I really think this is an important question because there is now ample evidence that shows that if acute pain is not adequately treated it can go on to actually become chronic pain. So let's take chronic post-surgical pain. This would be an ideal model for us to talk about how we might impact the development of pain in a person who's having surgery because... Especially if it's an elective surgery we can plan for it. So one of the big things that's being done now in surgical centers is what we call pre-emptive analgesia, patients actually get medications prior to the surgery, during the surgery, and then targeted therapy after the surgery to try to blunt the pain response, cut down the pain, what a reflex arc if you will, and down-regulate the pain. And I think that treating acute pain is very important. Is there a role for opioids in treatment of acute pain? Yes, there is, but that role for opioid should be, again, in the acute phase at the lowest dose possible and maybe with other medications at the same time, so that it's easier to wean the patient off of the opioid quickly.

Lee Tetreault:

And lastly, Dr. Please give us a quick summary of the available medications for pain.

Dr. Galluzzi:  

Well, everyone knows about opioids and we all know that the CDC has tried to give us some guideline regarding their use. Things like morphine, hydromorphone, oxycodone, there's a number of them. These are to be used very cautiously and only in selected patients. For chronic non-cancer pain, if we can determine the source of the pain, then we should be treating it at its origin if we can. So, inflammatory pain clearly we wanna use anti-inflammatory medications like steroids may be very useful in inflammatory pain, especially in the short term as well as the COX-2 or the LOX-2, the non-steroidal anti-inflammatory medications.

We can also, for neuropathic pain, use different types of medication that mediate different receptors. The NMDA receptors have been shown to respond for neuropathic pain, we can use the alpha-2 Delta ligands, which some people refer to as the gabapentinoids, gabapentin and pregabalin; and other anti-epileptic agents have been shown to be very, very effective in treating forms of neuropathic pain. And in addition to that, you can also use serotonin reuptake inhibitor. So things like duloxetine or venlafaxine, which are serotonergic and also have some norepinergic activity are very, very useful for neuropathic pain. For no susceptive pain, again, non-steroidals, aspirin may be useful, acetaminophen can be useful. And then, in no susceptive pains we're looking at the anti-epileptic medications, the serotonergic medications and possibly other forms of topical medications. There is some new research that's looking at cannabinoids and low-dose cannabinoids that are used sometimes in combination have been shown to be useful, but the evidence for them is still lacking simply because unfortunately medical cannabis remains a schedule one substance in the United States.

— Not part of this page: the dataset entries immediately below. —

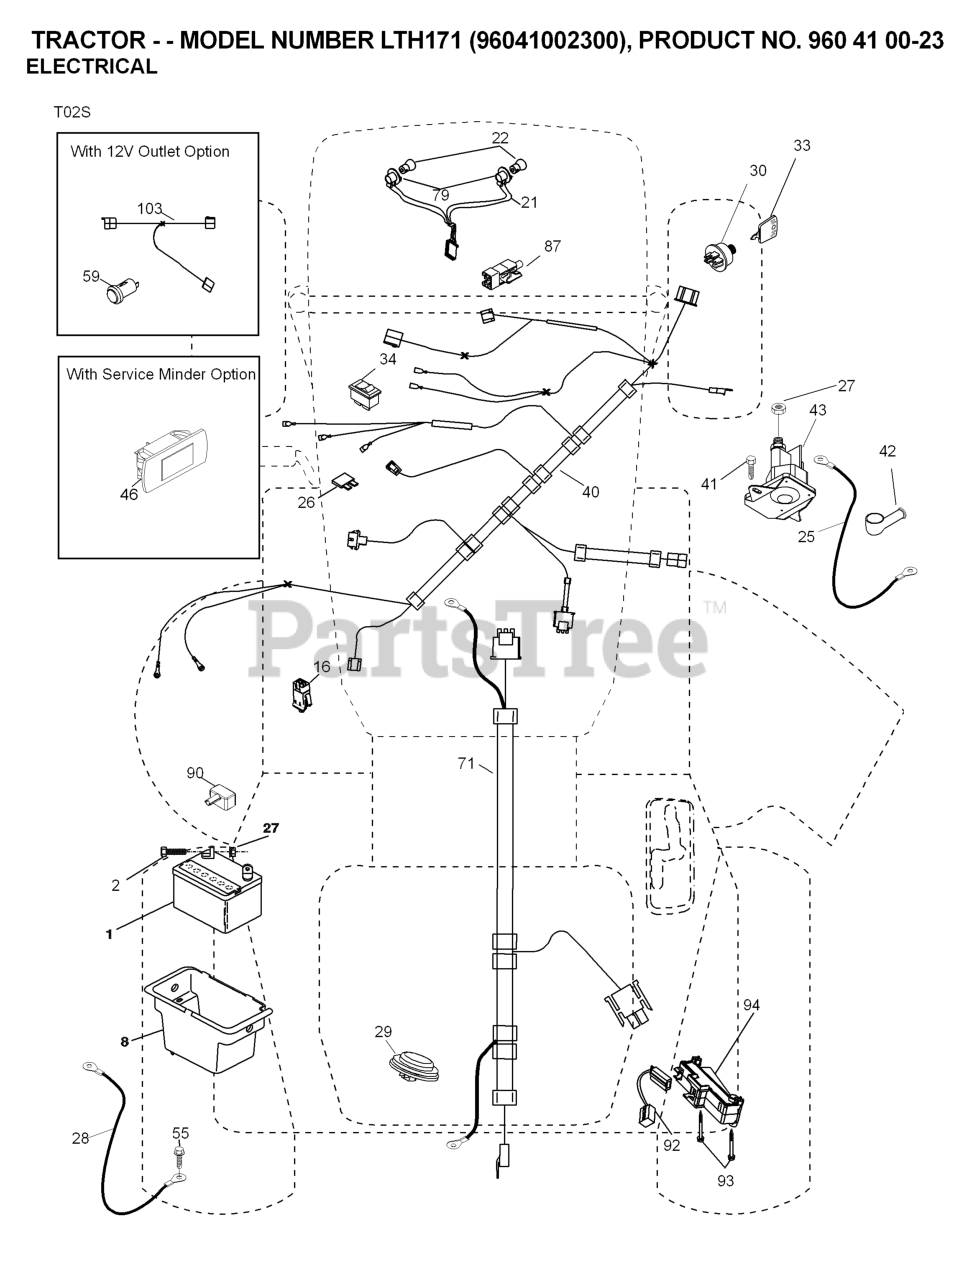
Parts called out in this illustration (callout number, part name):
1	BATTERY 12V .35 AMP
2	BOLT.HEX.1/4.X.3/4.DICHROMATE
8	BOX.BATTERY.MNT.REAR.L
16	SWITCH INTERLOOK PUSH-IN
21	HARNESS.LIGHT W/4152J BULBS
25	CABLE.STARTER.6GA.RED.
26	FUSE 20AMP
27	NUT
28	CABLE.BLACK.18"REAR.BA
29	SWITCH.SEAT.DELTA.OPC.
30	SWITCH.IGN.DELTA.W.LGH.ROS
33	KEY MLD GEN DELTA
40	HARNESS IGN. DASH
41	SCREW
42	TERMINAL COVER
43	SOLENOID.W/BRASS.PLUNGER
46	RP.GUAGE.SRVCMNDR.HRMTR.
55	SCREW 5/16"
71	HARNESS.IGN.CHASS.TEX.REAR.BAT
79	BULB HOLDER ASM.
87	SWITCH.INTRLCK.CLUTCH.
90	COVER, TERMINAL BATTERY
92	HARNESS.PIGTAIL.CONSLE
93	SCREW.PLASTITE
94	MODULE.REVERSE.ROS
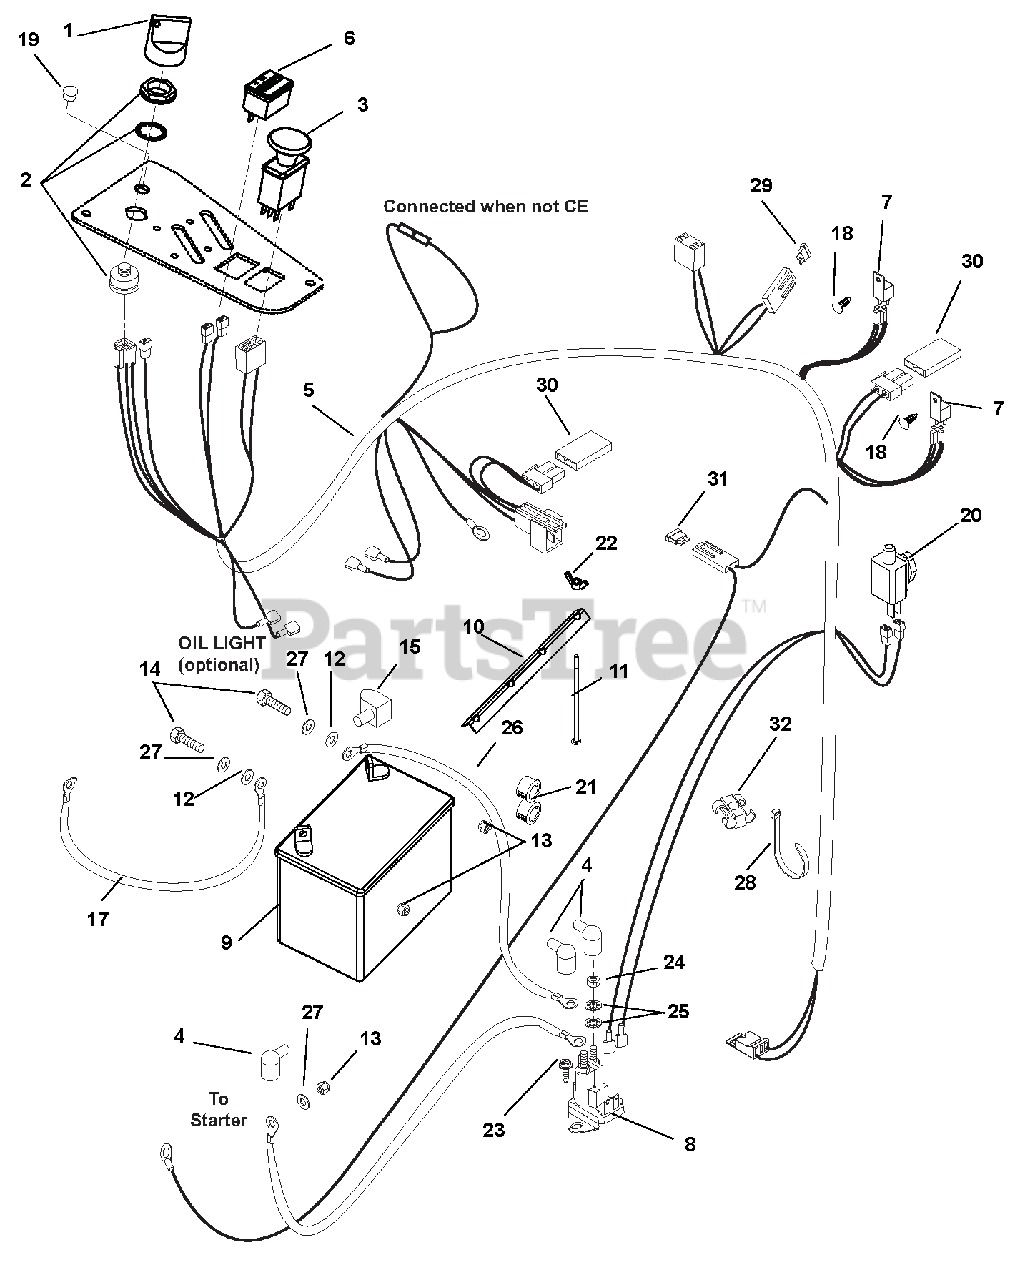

So I think in the coming years we're gonna be seeing a lot more focus on using these types of medications and what I wanna say in conclusion is that maybe one thing isn't gonna work for everyone. Pain is complex, there can be more than one generator for the pain. And what is very important to think about is what we call multi-modal therapy, trying to use all of the things that we've talked, the complementary and alternative modalities, the non-opioid modalities, the lifestyle changes, perhaps cognitive behavioral therapy coupled with maybe other types of medications and there may be some novel substances coming down the line as well. So I think this is a fascinating area of medical practice as challenging as it is, I think it's one of the most rewarding things that we can do as doctors to try to help people manage their pain.

Lee Tetreault:

This is great information doctor, thank you so much for your time today.